This Pregnancy Has Kicked My Ass

I've had two miscarriages since my son was born 6.5 years ago (and one before he was born). You can read about those last two here and here

That's a part of what has made this pregnancy hard. All that sadness and fear coming to my door, asking to be heard, reminding me of the life/death/life cycle over which I have no control, but am invited to honor and celebrate and move through. For the first several months, pregnancy was like something that happened to me, not the embodiment of literal life growing inside me. 

But it's not just that. 

I was really, really sick. Debilitating fatigue, intense nausea, ravenously and painfully hungry 24 hours per day. It started to ebb around the 13th week but didn't really leave until week 15 or so. I'm now 17 weeks pregnant and only occasionally feel the panic of pregnancy-induced hunger or have a flood of nausea overtake me. But nausea induces a pretty serious fear state in me (seemingly related to a near-drowning accident I had as a baby), and it's been hard to feel so fearful for so much of everyday. 

(How I spent most of the first trimester.)

And then there is the insomnia. I started having trouble sleeping in the first trimester, but even though my sleep pattern has changed - I fall asleep in seconds at night - a month or so ago I started waking up at some point during the night restless and staying half awake or fully awake for hours. (I've done ALL the things, and my doctor thinks I may have a mineral deficiency, so I'm going to have blood work done and see if we can rectify this.)

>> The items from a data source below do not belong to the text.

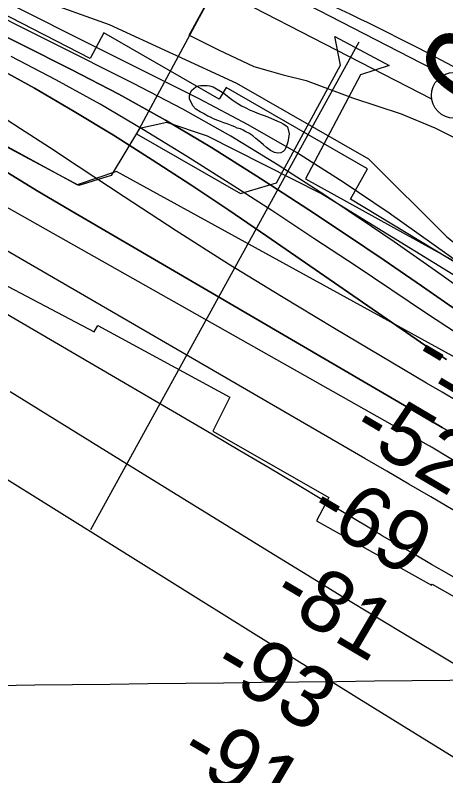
# Model space of a CAD drawing. Extents: x 3677843 to 3715951, y 511991 to 537744.
# Drawn here: x 3698067 to 3698538, y 529609 to 530440 of the extents above; entities that cross this region are included whole.
import ezdxf

# ---------------------------------------------------------------- set-up
doc = ezdxf.new("R2010")
doc.units = 0
for name, color, linetype in [('V-CHAN-DOCK', 7, 'Continuous'), ('V-GRID-MAJR', 7, 'Continuous'), ('V-LEVE-TOET', 7, 'Continuous'), ('V-RAIL-TRAK', 7, 'Continuous'), ('V-RIVR-EDGE', 7, 'Continuous'), ('V-RIVR-RANG', 7, 'Continuous'), ('V-RRAP-FSHR', 7, 'Continuous'), ('V-RRAP-RVMT', 7, 'Continuous'), ('V-SITE-VEGE', 7, 'Continuous'), ('V-SURV-IDEN', 7, 'Continuous'), ('V-SURV-LINE', 7, 'Continuous'), ('V-TOPO-DPTH', 7, 'Continuous'), ('V-TOPO-MAJR', 7, 'Continuous'), ('V-TOPO-MINR', 7, 'Continuous'), ('V-TOPO-WATR', 7, 'Continuous')]:
    doc.layers.add(name, color=color, linetype=linetype)

msp = doc.modelspace()

# ---------------------------------------------------------------- linework, layer by layer
at = {"layer": 'V-CHAN-DOCK'}
for points in [[(3699141.883, 529740.1190000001), (3698178.119, 530269.076), (3698135.037, 530254.544), (3697006.262, 530870.822)], [(3698290.741, 530479.728), (3698199.949, 530310.469), (3698313.498, 530244.982), (3698352.662, 530256.719), (3698422.63, 530385.368), (3698416.486, 530416.7), (3698475.775, 530384.795), (3698444.443, 530374.733), (3698384.551, 530261.183), (3698584.24, 530150.915)]]:
    msp.add_lwpolyline(points, dxfattribs=at)
at = {"layer": 'V-GRID-MAJR'}
msp.add_spline([(3681966.5640000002, 529526.479), (3687244.413, 529585.207), (3692522.254, 529644.703), (3697800.0870000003, 529704.966), (3703077.91, 529765.996), (3708355.725, 529827.795), (3713633.5300000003, 529890.361), (3713633.531, 529890.361)], degree=3, dxfattribs=at)
at = {"layer": 'V-LEVE-TOET'}
for points in [[(3698257.27, 530418.167), (3698290.741, 530479.728), (3696917.413, 531223.297), (3696914.169, 531217.208), (3696889.284, 531175.513)], [(3698257.27, 530418.167), (3698289.285, 530401.908), (3698327.992, 530383.736), (3698344.718, 530378.952), (3698360.008, 530374.645), (3698385.338, 530368.425), (3698435.991, 530349.772), (3698489.034, 530332.073), (3698525.8310000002, 530316.768), (3698596.073, 530281.383), (3698648.1580000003, 530253.17), (3698717.923, 530216.349), (3698793.42, 530171.403), (3698910.967, 530101.591), (3699017.0500000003, 530043.256), (3699108.792, 529985.879), (3699191.934, 529933.282)]]:
    msp.add_lwpolyline(points, dxfattribs=at)
at = {"layer": 'V-RAIL-TRAK'}
msp.add_lwpolyline([(3698763.511, 530263.363), (3698727.419, 530283.982), (3698691.215, 530304.4), (3698654.896, 530324.616), (3698618.468, 530344.629), (3698581.927, 530364.437), (3698545.278, 530384.0430000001), (3698508.525, 530403.444), (3698489.896, 530413.075), (3698471.1780000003, 530422.527), (3698452.365, 530431.792), (3698444.949, 530435.356), (3698433.464, 530440.875), (3698414.473, 530449.769), (3698395.395, 530458.48), (3698376.234, 530467.001), (3698356.989, 530475.335), (3698337.664, 530483.48), (3698318.2600000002, 530491.434), (3698298.779, 530499.198), (3698228.549, 530527.974), (3698111.659, 530585.99), (3698096.654, 530593.947), (3697969.3170000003, 530661.457)], dxfattribs=at)
at = {"layer": 'V-RIVR-EDGE'}
msp.add_lwpolyline([(3699212.039990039, 529785.429534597), (3699131.1181131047, 529834.8564150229), (3699043.5600262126, 529871.0925189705), (3698954.246987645, 529925.9430880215), (3698831.9236082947, 529983.8769153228), (3698739.608954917, 530038.7349065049), (3698601.1406859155, 530122.5227006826), (3698402.134801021, 530244.8810914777), (3698277.422005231, 530307.6234401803), (3698233.035216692, 530322.7413617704), (3698203.0027399, 530316.2120304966), (3698172.258608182, 530264.659961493), (3698136.812833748, 530253.9417293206), (3697741.7195509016, 530465.0330029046)], dxfattribs=at)
at = {"layer": 'V-RIVR-RANG'}
msp.add_line((3698442.8233, 530410.4981), (3698149.5407, 529877.9107), dxfattribs=at)
at = {"layer": 'V-RRAP-FSHR'}
msp.add_lwpolyline([(3697923.104166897, 530518.0682014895), (3698170.086823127, 530429.7236254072), (3698308.943271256, 530365.6744733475), (3698453.491111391, 530282.8492572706), (3698539.0893194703, 530197.879785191), (3698677.241255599, 530087.6502810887), (3698911.5959438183, 529952.3573529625), (3699042.327975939, 529875.5102488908), (3699175.921064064, 529784.7777048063), (3699418.297768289, 529632.0091926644), (3699522.3095443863, 529572.7544086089), (3699644.4522645, 529530.1662485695), (3699682.6228885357, 529522.7586325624), (3699809.3572246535, 529454.0625684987), (3699891.856808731, 529369.3306644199), (3700284.892585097, 529117.410280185), (3700663.3179294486, 528890.0884239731), (3701052.308905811, 528660.5813517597), (3701560.591786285, 528323.0258954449), (3702060.24029875, 527983.0763271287), (3702175.2764588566, 527854.2796550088), (3702403.052971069, 527666.5784068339), (3702736.6783153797, 527465.5917826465), (3703307.257259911, 527130.3218943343)], dxfattribs=at)
at = {"layer": 'V-RRAP-RVMT'}
for points in [[(3699411.3930000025, 529629.4220000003), (3699027.0450000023, 529846.9100000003), (3699038.1700000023, 529869.0740000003), (3698919.1690000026, 529935.2800000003), (3698917.4160000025, 529931.8640000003), (3698788.9680000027, 530000.6140000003), (3698788.1270000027, 529998.8850000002), (3698546.8950000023, 530150.8850000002), (3698555.3170000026, 530165.4470000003), (3698433.7190000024, 530238.8330000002), (3698452.0710000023, 530272.1010000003), (3698297.8920000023, 530360.7950000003), (3698290.2390000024, 530348.0050000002), (3698164.1420000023, 530420.6840000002), (3698149.096000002, 530392.6180000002), (3697825.1680000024, 530559.2330000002)], [(3698032.2470000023, 530157.7380000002), (3698153.4170000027, 530094.0200000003), (3698157.6640000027, 530100.7950000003), (3698301.6990000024, 530022.7260000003), (3698283.1520000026, 529985.4010000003), (3698410.0490000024, 529912.9230000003), (3698396.4850000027, 529887.6570000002), (3698522.1510000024, 529817.1760000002), (3698522.7920000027, 529818.2480000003), (3698653.2480000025, 529744.4170000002), (3698652.4790000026, 529742.6460000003), (3698776.2310000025, 529671.5620000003), (3698778.8960000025, 529676.1780000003), (3698897.8530000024, 529611.3580000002), (3698884.4180000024, 529585.8210000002), (3699018.2710000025, 529514.9080000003), (3699020.1230000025, 529518.1660000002), (3699140.2540000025, 529451.5770000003), (3699139.7850000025, 529449.8200000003), (3699263.5930000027, 529379.4790000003)]]:
    msp.add_lwpolyline(points, dxfattribs=at)
at = {"layer": 'V-SITE-VEGE'}
msp.add_lwpolyline([(3698264.514, 530337.088), (3698261.188, 530340.892), (3698259.287, 530345.643), (3698257.864, 530348.0210000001), (3698257.864, 530351.822), (3698258.816, 530355.623), (3698260.242, 530357.9990000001), (3698262.144, 530359.424), (3698264.522, 530361.802), (3698267.846, 530362.748), (3698270.224, 530363.223), (3698276.876, 530363.221), (3698279.727, 530362.746), (3698283.528, 530361.794), (3698295.406, 530354.662), (3698299.207, 530351.334), (3698302.531, 530348.957), (3698305.384, 530346.581), (3698314.409, 530340.875), (3698318.686, 530338.975), (3698323.912, 530336.122), (3698328.186, 530334.694), (3698331.989, 530332.792), (3698343.395, 530328.987), (3698353.848, 530324.231), (3698357.649, 530322.806), (3698360.022, 530321.378), (3698362.873, 530319.478), (3698364.774, 530318.05), (3698366.6720000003, 530310.448), (3698365.72, 530303.319), (3698364.77, 530299.993), (3698363.342, 530296.192), (3698361.917, 530292.866), (3698360.014, 530290.965), (3698357.639, 530289.542), (3698354.313, 530289.069), (3698350.509, 530290.019), (3698346.233, 530291.922), (3698341.957, 530295.248), (3698338.633, 530298.101), (3698335.782, 530300.954), (3698330.0810000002, 530305.232), (3698326.755, 530308.083), (3698322.481, 530310.936), (3698319.1550000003, 530312.363), (3698316.304, 530314.264), (3698313.453, 530315.691), (3698309.6520000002, 530316.6410000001), (3698307.274, 530318.069), (3698304.423, 530319.019), (3698298.724, 530321.397), (3698295.398, 530322.349), (3698291.597, 530323.774), (3698288.7460000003, 530324.727), (3698283.992, 530326.629), (3698280.667, 530328.53), (3698277.816, 530329.482), (3698273.0640000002, 530332.333), (3698269.261, 530334.236)], close=True, dxfattribs=at)
at = {"layer": 'V-SURV-LINE'}
for points in [[(3698211.8497458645, 530541.9935085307), (3698536.179143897, 530374.811929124)], [(3698522.4263614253, 530348.1499516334), (3698198.097768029, 530515.3311162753)]]:
    msp.add_lwpolyline(points, dxfattribs=at)
msp.add_circle((3698547.0687, 530352.3229499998), 25, dxfattribs=at)
at = {"layer": 'V-TOPO-DPTH'}
for points in [[(3699642.452873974, 529508.9735581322), (3698859.1102816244, 529978.8356877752), (3698818.342476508, 530003.1999682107), (3698777.5228303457, 530027.4767622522), (3698736.6254226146, 530051.6223267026), (3698695.676173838, 530075.6804047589), (3698627.978791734, 530115.3071656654), (3698620.924430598, 530119.613037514), (3698613.9831510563, 530124.0874327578), (3698607.211493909, 530128.8146130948), (3698600.5529183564, 530133.7103168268), (3698594.369001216, 530138.4351516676), (3698584.6658880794, 530145.7689585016), (3698574.912577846, 530153.034642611), (3698565.083971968, 530160.1981426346), (3698555.205168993, 530167.2935199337), (3698475.962935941, 530223.5841575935), (3698425.7031683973, 530257.5713897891), (3698374.4851954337, 530289.963327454), (3698321.829914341, 530319.9623233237), (3698268.216427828, 530348.3660246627), (3696666.362582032, 531150.28066046)], [(3699254.3535360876, 529704.0727774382), (3699122.52736756, 529781.7824036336), (3698990.322875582, 529858.8466431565), (3698857.866167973, 529935.480624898), (3698642.7695027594, 530059.2258919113), (3698617.861548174, 530073.9649736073), (3698593.206032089, 530089.1040909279), (3698568.9291737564, 530104.8432616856), (3698544.9047539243, 530120.9824680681), (3698511.126150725, 530144.2806629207), (3698470.285265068, 530172.1949018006), (3698429.2887295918, 530199.8765000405), (3698388.058719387, 530227.20913732), (3698346.6730593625, 530254.3091339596), (3698331.4056230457, 530264.2141754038), (3698281.7912397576, 530295.2586168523), (3698231.5407757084, 530325.1943966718), (3698180.3361905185, 530353.4671840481), (3698128.495524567, 530380.6313097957), (3696875.453115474, 531011.2504288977)], [(3696875.453115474, 531011.2504288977), (3698128.495524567, 530380.6313097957), (3698180.3361905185, 530353.4671840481), (3698231.5407757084, 530325.1943966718), (3698281.7912397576, 530295.2586168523), (3698331.4056230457, 530264.2141754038), (3698346.6730593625, 530254.3091339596), (3698388.058719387, 530227.20913732), (3698429.2887295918, 530199.8765000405), (3698470.285265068, 530172.1949018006), (3698511.126150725, 530144.2806629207), (3698544.9047539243, 530120.9824680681), (3698568.9291737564, 530104.8432616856), (3698593.206032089, 530089.1040909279), (3698617.861548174, 530073.9649736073), (3698642.7695027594, 530059.2258919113), (3698857.866167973, 529935.480624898), (3698990.322875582, 529858.8466431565), (3699122.52736756, 529781.7824036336), (3699254.3535360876, 529704.0727774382)], [(3698044.2716721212, 530384.0732519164), (3698088.289462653, 530360.0302466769), (3698131.650057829, 530334.8213044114), (3698174.5725227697, 530308.8350707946), (3698216.9718501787, 530281.9695771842), (3698259.112632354, 530254.7104908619), (3698300.86559668, 530226.861015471), (3698342.360015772, 530198.6179473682), (3698510.207429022, 530082.636169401), (3698519.597994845, 530076.2728165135), (3698529.0633172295, 530070.0249912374), (3698538.6407744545, 530063.9504573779)], [(3698044.2716721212, 530384.0732519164), (3698088.289462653, 530360.0302466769), (3698131.650057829, 530334.8213044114), (3698174.5725227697, 530308.8350707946), (3698216.9718501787, 530281.9695771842), (3698259.112632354, 530254.7104908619), (3698300.86559668, 530226.861015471), (3698342.360015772, 530198.6179473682), (3698510.207429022, 530082.636169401), (3698519.597994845, 530076.2728165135), (3698529.0633172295, 530070.0249912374), (3698538.6407744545, 530063.9504573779)], [(3699629.4357608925, 529410.5632713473), (3699121.094159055, 529691.8382899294), (3699025.4682609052, 529745.1445856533), (3698930.069504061, 529798.8513892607), (3698835.011459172, 529853.1589546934), (3698740.1805555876, 529907.8670280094), (3698585.08898925, 529997.9927799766), (3698567.9858959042, 530007.9582649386), (3698550.8983428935, 530017.9502549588), (3698533.8341003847, 530027.9820025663), (3698516.78539821, 530038.0402552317), (3698416.25699915, 530097.5070430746), (3698358.1749611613, 530132.4636886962), (3698300.4574984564, 530168.0024732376), (3698243.286898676, 530204.4144661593), (3698186.480874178, 530241.4085980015), (3698136.201577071, 530274.6992646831), (3698104.726030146, 530295.3561692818), (3698073.1401684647, 530315.841457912), (3698041.388834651, 530336.0693225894)], [(3699629.4357608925, 529410.5632713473), (3699121.094159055, 529691.8382899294), (3699025.4682609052, 529745.1445856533), (3698930.069504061, 529798.8513892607), (3698835.011459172, 529853.1589546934), (3698740.1805555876, 529907.8670280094), (3698585.08898925, 529997.9927799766), (3698567.9858959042, 530007.9582649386), (3698550.8983428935, 530017.9502549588), (3698533.8341003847, 530027.9820025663), (3698516.78539821, 530038.0402552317), (3698416.25699915, 530097.5070430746), (3698358.1749611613, 530132.4636886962), (3698300.4574984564, 530168.0024732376), (3698243.286898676, 530204.4144661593), (3698186.480874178, 530241.4085980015), (3698136.201577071, 530274.6992646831), (3698104.726030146, 530295.3561692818), (3698073.1401684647, 530315.841457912), (3698041.388834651, 530336.0693225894)], [(3698049.95499322, 530273.0732222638), (3698091.2715403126, 530248.0995654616), (3698132.814814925, 530223.4953648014), (3698510.315593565, 530003.3392440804), (3698522.1555550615, 529996.4184147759), (3698533.9862749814, 529989.481859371), (3698545.8031325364, 529982.5217148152), (3698557.6107485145, 529975.5458441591), (3699123.990674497, 529640.1692564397), (3699208.940766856, 529590.0096626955), (3699293.9737536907, 529539.9913952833), (3699379.1310822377, 529490.1851173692), (3699464.3713052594, 529440.5201657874), (3699604.1534663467, 529359.3095750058), (3699619.5639082, 529350.3544146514), (3699634.973186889, 529341.397253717), (3699650.3807208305, 529332.4370919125), (3699665.7870916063, 529323.4749295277), (3700087.8842460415, 529077.8784242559), (3700189.323865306, 529018.164377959)], [(3698049.95499322, 530273.0732222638), (3698091.2715403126, 530248.0995654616), (3698132.814814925, 530223.4953648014), (3698510.315593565, 530003.3392440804), (3698522.1555550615, 529996.4184147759), (3698533.9862749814, 529989.481859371), (3698545.8031325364, 529982.5217148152), (3698557.6107485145, 529975.5458441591), (3699123.990674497, 529640.1692564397), (3699208.940766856, 529590.0096626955), (3699293.9737536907, 529539.9913952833), (3699379.1310822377, 529490.1851173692), (3699464.3713052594, 529440.5201657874), (3699604.1534663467, 529359.3095750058), (3699619.5639082, 529350.3544146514), (3699634.973186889, 529341.397253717), (3699650.3807208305, 529332.4370919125), (3699665.7870916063, 529323.4749295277), (3700087.8842460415, 529077.8784242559), (3700189.323865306, 529018.164377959)]]:
    msp.add_lwpolyline(points, dxfattribs=at)
at = {"layer": 'V-TOPO-MAJR'}
msp.add_lwpolyline([(3700625.5395838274, 528706.5258531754), (3699822.438437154, 529174.8288823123), (3699786.8468077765, 529195.694994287), (3699751.321016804, 529216.6720126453), (3699715.8939834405, 529237.815390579), (3699680.5327884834, 529259.0696748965), (3699619.5538211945, 529295.9167424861), (3699614.7355021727, 529298.8372470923), (3699609.922531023, 529301.7665116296), (3699605.1175816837, 529304.7089160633), (3699600.3179802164, 529307.6600804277), (3699138.3252467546, 529592.5992999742), (3699035.783043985, 529655.6722460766), (3698933.139571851, 529718.5795051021), (3698830.3441956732, 529781.2382335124), (3698727.44755013, 529843.7312748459), (3698524.0182786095, 529966.9449695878), (3698522.7568651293, 529967.7009950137), (3698521.4908517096, 529968.4491532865), (3698520.2179383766, 529969.1855108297), (3698518.9404251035, 529969.91400122), (3697830.2534854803, 530358.4007440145)], dxfattribs=at)
at = {"layer": 'V-TOPO-MINR'}
for points in [[(3699647.544549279, 529487.3495660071), (3699132.699767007, 529795.446868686), (3699044.8032540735, 529847.8040268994), (3698956.765868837, 529899.92211691), (3698868.5171751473, 529951.6816046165), (3698780.127609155, 530003.2020241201), (3698635.3375627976, 530087.2029628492), (3698619.385465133, 530096.7724128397), (3698603.630447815, 530106.6463361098), (3698588.171051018, 530116.9769692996), (3698572.9087345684, 530127.6120757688), (3698554.641771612, 530140.7421488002), (3698530.3151770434, 530158.0576811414), (3698505.8834032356, 530175.222018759), (3698481.293860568, 530192.1595642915), (3698456.599138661, 530208.9459151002), (3698405.578475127, 530243.2834080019), (3698354.7100070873, 530276.1246578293), (3698303.0648104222, 530307.6364931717), (3698250.2545208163, 530337.1542067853), (3698196.667502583, 530365.3425059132), (3696770.3815006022, 531081.1738087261)], [(3699254.3535360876, 529704.0727774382), (3699122.52736756, 529781.7824036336), (3698990.322875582, 529858.8466431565), (3698857.866167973, 529935.480624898), (3698642.7695027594, 530059.2258919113), (3698617.861548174, 530073.9649736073), (3698593.206032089, 530089.1040909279), (3698568.9291737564, 530104.8432616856), (3698544.9047539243, 530120.9824680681), (3698511.126150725, 530144.2806629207), (3698470.285265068, 530172.1949018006), (3698429.2887295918, 530199.8765000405), (3698388.058719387, 530227.20913732), (3698346.6730593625, 530254.3091339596), (3698331.4056230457, 530264.2141754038), (3698281.7912397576, 530295.2586168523), (3698231.5407757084, 530325.1943966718), (3698180.3361905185, 530353.4671840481), (3698128.495524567, 530380.6313097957), (3696875.453115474, 531011.2504288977)], [(3700189.6925895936, 528900.9640653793), (3700101.0409259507, 528955.8405440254), (3699634.6806993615, 529243.4325393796), (3699612.4988219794, 529257.0899857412), (3699590.304168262, 529270.7266047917), (3699568.0903500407, 529284.3319828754), (3699545.863755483, 529297.9165336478), (3699166.841134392, 529529.2032125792), (3699055.8221463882, 529596.5786874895), (3698944.586503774, 529663.5925507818), (3698833.025879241, 529730.0639966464), (3698721.2486000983, 529796.173830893), (3698545.376105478, 529899.6151704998), (3698521.359778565, 529913.7112047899), (3698497.326391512, 529927.778030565), (3698473.2674142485, 529941.8010435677), (3698449.1913768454, 529955.7948480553), (3697514.38, 530498)], [(3699271.3840873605, 529418.6030720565), (3698796.0446141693, 529687.2828053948), (3698753.7099964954, 529711.1135253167), (3698711.319763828, 529734.8444888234), (3698668.846108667, 529758.4258177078), (3698626.3168385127, 529781.9073901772), (3698579.8615112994, 529807.4498677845), (3698560.5618136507, 529818.1622692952), (3698541.320269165, 529828.9771719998), (3698522.1659544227, 529839.9458264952), (3698503.0697928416, 529851.0169821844), (3698471.6480247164, 529869.4025212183), (3698468.3098659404, 529871.3636917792), (3698464.9763702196, 529873.3327248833), (3698461.6498690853, 529875.3135518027), (3698458.3280310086, 529877.3022412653), (3698404.2036589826, 529909.8352914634), (3698373.7896487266, 529928.0399102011), (3698343.330995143, 529946.1692074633), (3698312.805376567, 529964.185522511), (3698282.235114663, 529982.1265160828), (3697521.1090301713, 530426.9204379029)], [(3699277.703931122, 529671.9592373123), (3699174.1394559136, 529731.9804682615), (3699070.3468171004, 529791.610573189), (3698650.2667233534, 530031.368920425), (3698616.361229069, 530051.2042419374), (3698582.7505783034, 530071.5158686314), (3698549.582192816, 530092.5419530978), (3698516.708650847, 530114.044342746), (3698439.694918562, 530165.6035415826), (3698393.7014383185, 530196.1313965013), (3698347.548544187, 530226.414177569), (3698301.156529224, 530256.3293478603), (3698254.605100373, 530285.9994443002), (3698207.541864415, 530314.7934097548), (3698159.956659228, 530342.6660806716), (3698111.588500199, 530369.1568097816), (3698062.6983719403, 530394.7262443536)], [(3698538.6407744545, 530063.9504573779), (3698529.0633172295, 530070.0249912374), (3698519.597994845, 530076.2728165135), (3698510.207429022, 530082.636169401), (3698342.360015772, 530198.6179473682), (3698300.86559668, 530226.861015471), (3698259.112632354, 530254.7104908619), (3698216.9718501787, 530281.9695771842), (3698174.5725227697, 530308.8350707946), (3698131.650057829, 530334.8213044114), (3698088.289462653, 530360.0302466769), (3698044.2716721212, 530384.0732519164)], [(3699629.4357608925, 529410.5632713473), (3699121.094159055, 529691.8382899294), (3699025.4682609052, 529745.1445856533), (3698930.069504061, 529798.8513892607), (3698835.011459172, 529853.1589546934), (3698740.1805555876, 529907.8670280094), (3698585.08898925, 529997.9927799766), (3698567.9858959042, 530007.9582649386), (3698550.8983428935, 530017.9502549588), (3698533.8341003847, 530027.9820025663), (3698516.78539821, 530038.0402552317), (3698416.25699915, 530097.5070430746), (3698358.1749611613, 530132.4636886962), (3698300.4574984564, 530168.0024732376), (3698243.286898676, 530204.4144661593), (3698186.480874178, 530241.4085980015), (3698136.201577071, 530274.6992646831), (3698104.726030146, 530295.3561692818), (3698073.1401684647, 530315.841457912), (3698041.388834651, 530336.0693225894)], [(3700189.323865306, 529018.164377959), (3700087.8842460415, 529077.8784242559), (3699665.7870916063, 529323.4749295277), (3699650.3807208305, 529332.4370919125), (3699634.973186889, 529341.397253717), (3699619.5639082, 529350.3544146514), (3699604.1534663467, 529359.3095750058), (3699464.3713052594, 529440.5201657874), (3699379.1310822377, 529490.1851173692), (3699293.9737536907, 529539.9913952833), (3699208.940766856, 529590.0096626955), (3699123.990674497, 529640.1692564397), (3698557.6107485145, 529975.5458441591), (3698545.8031325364, 529982.5217148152), (3698533.9862749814, 529989.481859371), (3698522.1555550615, 529996.4184147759), (3698510.315593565, 530003.3392440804), (3698132.814814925, 530223.4953648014), (3698091.2715403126, 530248.0995654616), (3698049.95499322, 530273.0732222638)], [(3699283.8943893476, 529174.09828313), (3698442.5891394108, 529693.2729937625), (3698411.655347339, 529712.3933579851), (3698380.74005698, 529731.5435423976), (3698349.8525191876, 529750.7384570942), (3698318.983483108, 529769.9631919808), (3697561.1727498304, 530242.6769681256)], [(3700249.711041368, 528730.9817859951), (3699581.9899404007, 529116.2805903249), (3699549.272116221, 529135.1660252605), (3699516.5578086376, 529154.0575478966), (3699483.8487759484, 529172.9582020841), (3699451.143259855, 529191.8649439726), (3699418.482494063, 529210.8478600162), (3699385.8778762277, 529229.9262496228), (3699353.3574803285, 529249.1478495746), (3699320.8932323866, 529268.46492309), (3698499.341551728, 529759.7590390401), (3698461.815489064, 529782.3051430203), (3698424.3519404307, 529804.9541706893), (3698386.982162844, 529827.7575838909), (3698349.6748992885, 529850.6639207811), (3698182.430463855, 529953.8262702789), (3698061.603312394, 530028.4803651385)]]:
    msp.add_lwpolyline(points, dxfattribs=at)
at = {"layer": 'V-TOPO-WATR'}
msp.add_lwpolyline([(3699642.452873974, 529508.9735581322), (3698859.1102816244, 529978.8356877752), (3698818.342476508, 530003.1999682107), (3698777.5228303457, 530027.4767622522), (3698736.6254226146, 530051.6223267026), (3698695.676173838, 530075.6804047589), (3698627.978791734, 530115.3071656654), (3698620.924430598, 530119.613037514), (3698613.9831510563, 530124.0874327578), (3698607.211493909, 530128.8146130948), (3698600.5529183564, 530133.7103168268), (3698594.369001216, 530138.4351516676), (3698584.6658880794, 530145.7689585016), (3698574.912577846, 530153.034642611), (3698565.083971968, 530160.1981426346), (3698555.205168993, 530167.2935199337), (3698475.962935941, 530223.5841575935), (3698425.7031683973, 530257.5713897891), (3698374.4851954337, 530289.963327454), (3698321.829914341, 530319.9623233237), (3698268.216427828, 530348.3660246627), (3696666.362582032, 531150.28066046)], dxfattribs=at)

# ---------------------------------------------------------------- texts
at = {"layer": 'V-RIVR-RANG'}
for s, rotation, p in [('-18', 329.1383257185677, (3698497.9632622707, 530056.5819530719)), ('-52', 329.4263888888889, (3698431.4193924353, 529979.3658784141)), ('-69', 329.4263888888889, (3698384.6574433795, 529890.8456461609)), ('-81', 329.4263888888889, (3698344.481624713, 529798.4334804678)), ('-93', 329.4263888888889, (3698279.551040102, 529720.6458577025)), ('-91', 329.4263888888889, (3698243.235056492, 529625.9537999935))]:
    msp.add_text(s, height=66.99999999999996, rotation=rotation, dxfattribs=at).set_placement(p)
at = {"layer": 'V-SURV-IDEN'}
msp.add_text('   683+52.8   ', height=100.00000000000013, rotation=59.818611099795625, dxfattribs=at).set_placement((3698531.925443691, 530224.9090572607))

doc.saveas('drawing.dxf')

Oh, and did I mention the windedness? Totally normal on one hand due to the increased need for oxygen, but I now live at a higher altitude, in a much drier climate, with lots of hills. Walking out my door has been a challenge.

I have found this really, really, really hard. 

I struggled in the early part of pregnancy with my son because of feeling similarly awful, but my last pregnancy (that ended in miscarriage) was easier and I thought perhaps things had shifted in me and this one would be easier, too. 

But no.

All the healing work I've done, all the movement and dietary changes and emotional preparation, all the stuff I thought would help didn't give me a different physical experience. (I recently met a mom of seven who said that her last pregnancy was much easier than the prior ones because she did all this gut healing. I screamed in my head! I've done so much gut healing! I may have a little anger.)

In the midst of this, two things have happened.

First of all, I eventually came home to myself again. About two weeks ago, I suddenly noticed that I was back in my body. I stopped feeling like a crazed, rabid animal and found myself actually IN this body of mine, alive and breathing and delightfully happy! 

How did this happen? Time. Patience. Hormones shifting. But also movement. Once I was able to use my body to do something more than lie down and stare into the fridge, I started to come home. I went for longer walks, I had ginormous pillow fights with my son, I made love with my husband, I did corrective exercises. This literal movement drew my spirit back into me. It felt like a miracle.

But I was also made keenly aware of a less desirable part of myself.

I started realizing I have a problem with support. There's no denying that it can be hard to get the support we need when we are feeling so badly, and sometimes it takes feeling just a little bit better to notice what we need and be able to get it. But what I've found is a little more insidious. I don't reach out when I need particular kinds of help. I am afraid of being disappointed. I am afraid of disappointing. I have so accustomed myself to going it alone when things are rough (but not tragically rough) that I don't even REMEMBER there is help available, especially the personal kind, like friends who might make me laugh or who would tell me about their own morning sickness horrors or the disconnect they felt during their pregnancy following a miscarriage, or who reassure me that gaining 20lbs in the first two months sounds perfectly normal.

There are some ways I have become very good at getting support, at making sure I'm resourced, especially professional kinds of support. But I have some really big blind spots. Instead of acknowledging these limitations and making sure I can manage them, I push away and slip into my own private hell. 

So what am I doing about it?

Well. First of all, I am mostly noticing. I've stopped believing I need to resolve everything yesterday, and so I'm seeing if I can start by gaining an awareness of the "rules" I have around support and help. Who is in and who is out? Why? Where am I comfortable? Where do I tell myself I'm all alone?

But I'm also actively seeking support. 

A friend and I share March as a birthday month and she has made March the "month of me," focusing every day on ways to give to herself. I decided to take a similar approach, connecting it to a willingness to receive support.

Everyday, I am asking myself, "What kind of support do I need today? How can I get it?"

 This morning, after a painfully poor night's sleep, I realized I'd like to have someone work on my body, see if the tissues and energy can be shifted in collaboration. So I booked an appointment with a bodyworker. I'm also going to call a friend on the drive. 

In my work with clients, I'm very clear that most of us have limitations around when and what kinds of support we're willing to receive - whether that support is coming from the inside or the outside. 

If you really tuned in to what you need, what do you think you would discover? Might you then be willing to give yourself the support you need?